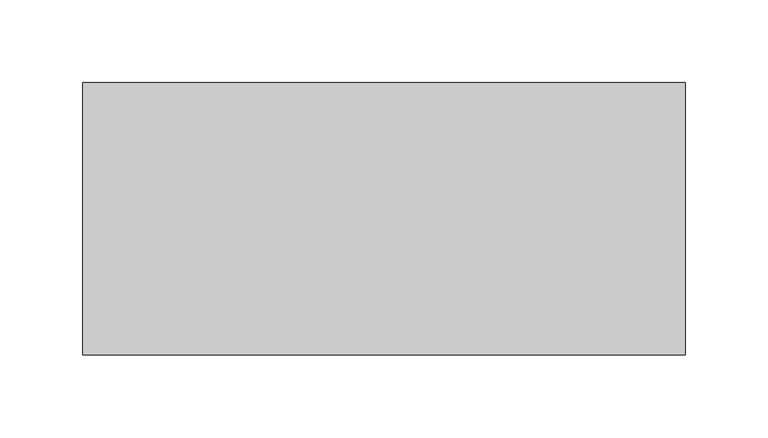
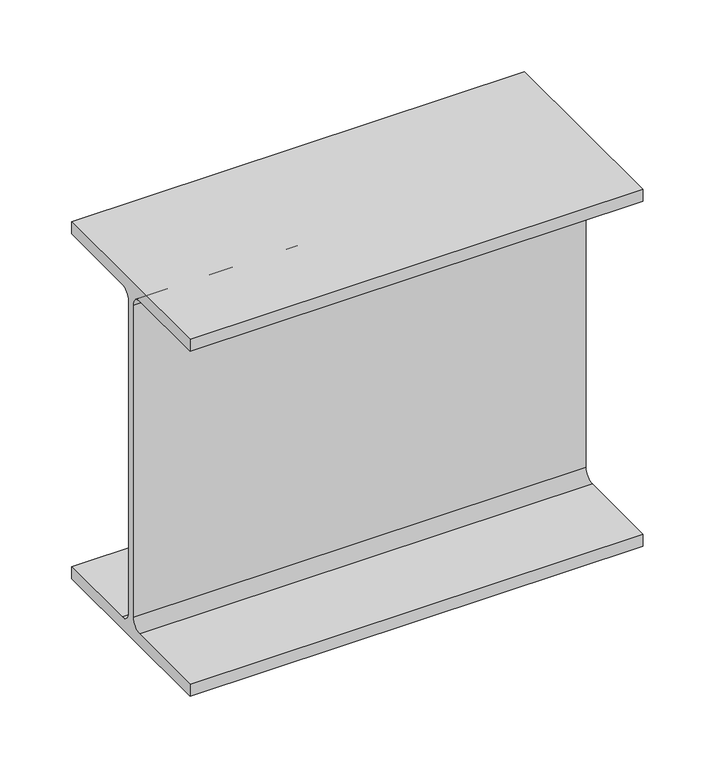
"""IFC4 building model written with IfcOpenShell, lengths in millimetres: beam geometry, Old_Steel Beam_H-KSD3502 : H_SB_ASB_H-300×150x6.5x9."""

import ifcopenshell
import ifcopenshell.guid

model = None  # the IFC model being written
_history = None  # IfcOwnerHistory: only IFC2X3 demands one
_inside = {}  # id of a spatial element -> (the spatial element, [elements in it])
_under = {}  # id of a project, library or spatial element -> (it, [spatial elements below it])
_declared = {}  # id of a project -> (the project, [libraries it declares])
_typed = {}  # id of a type object -> (the type object, [elements of that type])
_made_of = {}  # id of a material, layer set ... -> (it, [elements and type objects made of it])


def new_model(schema):
    """Start an empty IFC model of exactly this schema.

    Asked for "IFC4X3", IfcOpenShell would pick the latest addendum, in which some entities
    have other attributes; the version numbers below select the first issue.
    IFC2X3 requires an IfcOwnerHistory on every rooted entity: one is made here for all.
    """
    global model, _history
    if schema == "IFC4X3":
        model = ifcopenshell.file(schema_version=(4, 3, 0, 0))
    else:
        model = ifcopenshell.file(schema=schema)
    _inside.clear()
    _under.clear()
    _declared.clear()
    _typed.clear()
    _made_of.clear()
    _history = None
    if model.schema == "IFC2X3":
        org = make("IfcOrganization", Name="unknown")
        user = make(
            "IfcPersonAndOrganization",
            ThePerson=make("IfcPerson", FamilyName="unknown"),
            TheOrganization=org,
        )
        app = make(
            "IfcApplication",
            ApplicationDeveloper=org,
            Version="unknown",
            ApplicationFullName="unknown",
            ApplicationIdentifier="unknown",
        )
        _history = make(
            "IfcOwnerHistory",
            OwningUser=user,
            OwningApplication=app,
            ChangeAction="ADDED",
            CreationDate=0,
        )
    return model


def make(cls, **values):
    """One entity of the class cls with the attributes given. An attribute that is None is left unset."""
    return model.create_entity(
        cls, **{name: value for name, value in values.items() if value is not None}
    )


def rooted(cls, **values):
    """An entity with a GlobalId (a new one), such as an element, a storey or a relation."""
    return make(cls, GlobalId=ifcopenshell.guid.new(), OwnerHistory=_history, **values)


def si_unit(unit_type, name, prefix=None):
    """IfcSIUnit, for example si_unit("LENGTHUNIT", "METRE", prefix="MILLI")."""
    return make("IfcSIUnit", UnitType=unit_type, Prefix=prefix, Name=name)


def assignment(units):
    """IfcUnitAssignment: the units of a project."""
    return None if units is None else make("IfcUnitAssignment", Units=units)


def point(xyz):
    """IfcCartesianPoint."""
    return None if xyz is None else make("IfcCartesianPoint", Coordinates=xyz)


def direction(xyz):
    """IfcDirection."""
    return None if xyz is None else make("IfcDirection", DirectionRatios=xyz)


def frame(location, z_axis=None, x_axis=None):
    """IfcAxis2Placement3D, a coordinate frame: its origin and axes. An axis left out is left unset."""
    return make(
        "IfcAxis2Placement3D",
        Location=point(location),
        Axis=direction(z_axis),
        RefDirection=direction(x_axis),
    )


def frame_2d(location, x_axis=None):
    """IfcAxis2Placement2D, a coordinate frame in the plane: its origin and x axis."""
    return make(
        "IfcAxis2Placement2D", Location=point(location), RefDirection=direction(x_axis)
    )


def origin():
    """The frame at (0, 0, 0) with its axes left unset."""
    return frame((0.0, 0.0, 0.0))


def place(relative_to, where):
    """IfcLocalPlacement: puts the frame where relative to a parent placement (None: the world)."""
    return make(
        "IfcLocalPlacement", PlacementRelTo=relative_to, RelativePlacement=where
    )


def context(
    kind, dimensions, precision=None, world=None, true_north=None, identifier=None
):
    """IfcGeometricRepresentationContext, for example the 3D "Model" context."""
    return make(
        "IfcGeometricRepresentationContext",
        ContextIdentifier=identifier,
        ContextType=kind,
        CoordinateSpaceDimension=dimensions,
        Precision=precision,
        WorldCoordinateSystem=world,
        TrueNorth=true_north,
    )


def project(units=None, contexts=None):
    """IfcProject with its units and contexts."""
    return rooted(
        "IfcProject",
        Name="project",
        RepresentationContexts=contexts,
        UnitsInContext=assignment(units),
    )


def spatial(cls, under=None, at=None, **own):
    """A site, building, storey or space (cls), placed at a placement, below another one or the project."""
    s = rooted(cls, ObjectPlacement=at, **own)
    if under is not None:
        _under.setdefault(under.id(), (under, []))[1].append(s)
    return s


def polyline(points):
    """IfcPolyline through the points."""
    return make("IfcPolyline", Points=[point(p) for p in points])


def circle_curve(where, radius):
    """IfcCircle in the frame where."""
    return make("IfcCircle", Position=where, Radius=radius)


def trimmed(basis, trim1, trim2, sense, master):
    """IfcTrimmedCurve: the piece of a basis curve between two trims."""
    return make(
        "IfcTrimmedCurve",
        BasisCurve=basis,
        Trim1=trim1,
        Trim2=trim2,
        SenseAgreement=sense,
        MasterRepresentation=master,
    )


def segment(curve, same_sense, transition):
    """IfcCompositeCurveSegment."""
    return make(
        "IfcCompositeCurveSegment",
        Transition=transition,
        SameSense=same_sense,
        ParentCurve=curve,
    )


def composite_curve(segments, self_intersect=None):
    """IfcCompositeCurve: segments joined end to end."""
    return make("IfcCompositeCurve", Segments=segments, SelfIntersect=self_intersect)


def outline(outer, holes=None, kind="AREA"):
    """IfcArbitraryClosedProfileDef: a profile drawn as a closed curve; with holes, ...WithVoids."""
    if holes is None:
        return make("IfcArbitraryClosedProfileDef", ProfileType=kind, OuterCurve=outer)
    return make(
        "IfcArbitraryProfileDefWithVoids",
        ProfileType=kind,
        OuterCurve=outer,
        InnerCurves=holes,
    )


def extrude(swept, where, along, depth):
    """IfcExtrudedAreaSolid: the profile swept, set in the frame where, extruded along a direction by depth."""
    return make(
        "IfcExtrudedAreaSolid",
        SweptArea=swept,
        Position=where,
        ExtrudedDirection=direction(along),
        Depth=depth,
    )


def shape(context_of_items, identifier, shape_type, items):
    """IfcShapeRepresentation: the items that make up one representation, for example the "Body"."""
    return make(
        "IfcShapeRepresentation",
        ContextOfItems=context_of_items,
        RepresentationIdentifier=identifier,
        RepresentationType=shape_type,
        Items=items,
    )


def source(mapping_origin, context_of_items, identifier, shape_type, items):
    """IfcRepresentationMap: a shape defined once, which mapped items show again and again."""
    return make(
        "IfcRepresentationMap",
        MappingOrigin=mapping_origin,
        MappedRepresentation=shape(context_of_items, identifier, shape_type, items),
    )


def transform(
    local_origin,
    x_axis=None,
    y_axis=None,
    z_axis=None,
    scale=None,
    scale2=None,
    scale3=None,
    uniform=True,
):
    """IfcCartesianTransformationOperator3D, or its non-uniform kind. x_axis, y_axis, z_axis: its Axis1, 2, 3."""
    if uniform:
        return make(
            "IfcCartesianTransformationOperator3D",
            Axis1=direction(x_axis),
            Axis2=direction(y_axis),
            LocalOrigin=point(local_origin),
            Scale=scale,
            Axis3=direction(z_axis),
        )
    return make(
        "IfcCartesianTransformationOperator3DnonUniform",
        Axis1=direction(x_axis),
        Axis2=direction(y_axis),
        LocalOrigin=point(local_origin),
        Scale=scale,
        Axis3=direction(z_axis),
        Scale2=scale2,
        Scale3=scale3,
    )


def mapped(mapping_source, mapping_target):
    """IfcMappedItem: shows the shape of a source again, moved by a transform."""
    return make(
        "IfcMappedItem", MappingSource=mapping_source, MappingTarget=mapping_target
    )


def made_of(thing, what):
    """Note that an element or type object is made of a material, layer set ...; save() writes the relation."""
    if what is not None:
        _made_of.setdefault(what.id(), (what, []))[1].append(thing)
    return thing


def element(
    cls,
    number,
    at=None,
    inside=None,
    cuts=None,
    type_object=None,
    material=None,
    context=None,
    identifier="Body",
    shape_type=None,
    held_by="IfcProductDefinitionShape",
    body=None,
    shapes=None,
    **own,
):
    """One element of the class cls, such as IfcWall. Its Tag is "e" and its number.

    at: its placement. inside: the storey or other place that contains it. cuts: it is an
    opening in that element (IfcRelVoidsElement). A single representation is given by context,
    identifier, shape_type and body (its items); several are given by shapes. held_by: the class
    of the entity that holds the representations. save() writes the other relations.
    """
    e = rooted(cls, Tag="e%d" % number, ObjectPlacement=at, **own)
    if body is not None:
        shapes = [shape(context, identifier, shape_type, body)]
    if shapes is not None:
        e.Representation = make(held_by, Representations=shapes)
    if inside is not None:
        _inside.setdefault(inside.id(), (inside, []))[1].append(e)
    if cuts is not None:
        rooted(
            "IfcRelVoidsElement", RelatingBuildingElement=cuts, RelatedOpeningElement=e
        )
    if type_object is not None:
        _typed.setdefault(type_object.id(), (type_object, []))[1].append(e)
    return made_of(e, material)


def aggregate(whole, parts):
    """IfcRelAggregates: a whole, such as a stair, and the parts it consists of."""
    return rooted("IfcRelAggregates", RelatingObject=whole, RelatedObjects=parts)


def save(model, path):
    """Write the relations noted so far, then the file.

    IfcRelAggregates (storeys below a building ...), IfcRelContainedInSpatialStructure (elements
    in a storey), IfcRelDefinesByType, IfcRelAssociatesMaterial and IfcRelDeclares: one each for
    every whole, place, type object, material and project.
    """
    for whole, parts in _under.values():
        aggregate(whole, parts)
    for where, things in _inside.values():
        rooted(
            "IfcRelContainedInSpatialStructure",
            RelatedElements=things,
            RelatingStructure=where,
        )
    for kind, things in _typed.values():
        rooted("IfcRelDefinesByType", RelatedObjects=things, RelatingType=kind)
    for what, things in _made_of.values():
        rooted("IfcRelAssociatesMaterial", RelatedObjects=things, RelatingMaterial=what)
    for by, libraries in _declared.values():
        rooted("IfcRelDeclares", RelatingContext=by, RelatedDefinitions=libraries)
    model.write(path)


def beam_067efcca(model_context):
    return source(origin(), model_context, "Body", "SweptSolid", [
        extrude(outline(composite_curve([segment(polyline([(82.5, -141.5), (82.5, -151.7), (-82.5, -151.7), (-82.5, -141.5), (-11.9, -141.5)]), True, "CONTINUOUS"), segment(trimmed(circle_curve(frame_2d((-11.9, -132.6)), 8.9), [point((-11.9, -141.5))], [point((-3.0, -132.6))], True, "CARTESIAN"), True, "CONTINUOUS"), segment(polyline([(-3.0, -132.6), (-3.0, 132.6)]), True, "CONTINUOUS"), segment(trimmed(circle_curve(frame_2d((-11.9, 132.6)), 8.9), [point((-3.0, 132.6))], [point((-11.9, 141.5))], True, "CARTESIAN"), True, "CONTINUOUS"), segment(polyline([(-11.9, 141.5), (-82.5, 141.5), (-82.5, 151.7), (82.5, 151.7), (82.5, 141.5), (11.9, 141.5)]), True, "CONTINUOUS"), segment(trimmed(circle_curve(frame_2d((11.9, 132.6)), 8.9), [point((11.9, 141.5))], [point((3.0, 132.6))], True, "CARTESIAN"), True, "CONTINUOUS"), segment(polyline([(3.0, 132.6), (3.0, -132.6)]), True, "CONTINUOUS"), segment(trimmed(circle_curve(frame_2d((11.9, -132.6)), 8.9), [point((3.0, -132.6))], [point((11.9, -141.5))], True, "CARTESIAN"), True, "CONTINUOUS"), segment(polyline([(11.9, -141.5), (82.5, -141.5)]), True, "CONTINUOUS")], self_intersect=False)), frame((-282.3, 0.0, 0.0), z_axis=(1.0, 0.0, 0.0), x_axis=(0.0, 1.0, 0.0)), (0.0, 0.0, 1.0), 364.6),
    ])


if __name__ == "__main__":
    model = new_model("IFC4")
    model_context = context("Model", 3, world=origin())
    ifc_project = project(units=[si_unit("LENGTHUNIT", "METRE", prefix="MILLI")], contexts=[model_context])
    site = spatial("IfcSite", under=ifc_project)
    building = spatial("IfcBuilding", under=site)
    placement = place(None, origin())
    beam_shape = beam_067efcca(model_context)
    element("IfcBeam", 1, ObjectType="Old_Steel Beam_H-KSD3502 : H_SB_ASB_H-300×150x6.5x9", at=placement, inside=building, context=model_context, shape_type="MappedRepresentation", body=[
        mapped(beam_shape, transform((0.0, 0.0, 0.0), x_axis=(1.0, 0.0, 0.0), y_axis=(0.0, 1.0, 0.0), z_axis=(0.0, 0.0, 1.0))),
    ])
    save(model, "model.ifc")

# Revit data of these elements
# Type "Old_Steel Beam_H-KSD3502 : H_SB_ASB_H-300×150x6.5x9"
#   Width = 15.0 cm
#   Web Thickness = 0.65 cm
#   Web Fillet = 1.3 cm
#   Warping Constant = 107174.0 cm⁶
#   Torsional Moment of Inertia = 9.9539 cm⁴
#   Torsional Modulus = 1.0 cm³
#   Section Area = 46.78 cm²
#   Plastic Modulus weak axis = 105.0 cm³
#   Plastic Modulus strong axis = 542.0 cm³
#   Perimeter = 1.17 m²/m
#   Nominal Weight = 36.70 kgf/m
#   Moment of Inertia weak axis = 508.00 cm⁴
#   Moment of Inertia strong axis = 7210.00 cm⁴
#   Height = 30.0 cm
#   Flange Thickness = 0.9 cm
#   Elastic Modulus weak axis = 67.7 cm³
#   Elastic Modulus strong axis = 481.0 cm³
#   Centroid Vertical = 15.0 cm
#   Centroid Horizontal = 7.5 cm
#   Length [instance default] = 1.5240 m
#   Structural Material [instance default] = Steel, 45-345
#   Assembly Code = ""
# Element 1 (IfcBeam, "Old_Steel Beam_H-KSD3502 : H_SB_ASB_H-300×150x6.5x9")
#   Structural Material = none
# Materials
#   "Steel, 45-345": class "Metal", colour RGB 189 187 185, transparency 0, Description = "Steel 345 MPa", Cost = 0
════════════════
• [WHAT THE TASK REQUIRES]: Go through the data and show each line that holds "OuterCurve".

• [ANSWER TO THIS EXERCISE]:
        return make("IfcArbitraryClosedProfileDef", ProfileType=kind, OuterCurve=outer)
        OuterCurve=outer,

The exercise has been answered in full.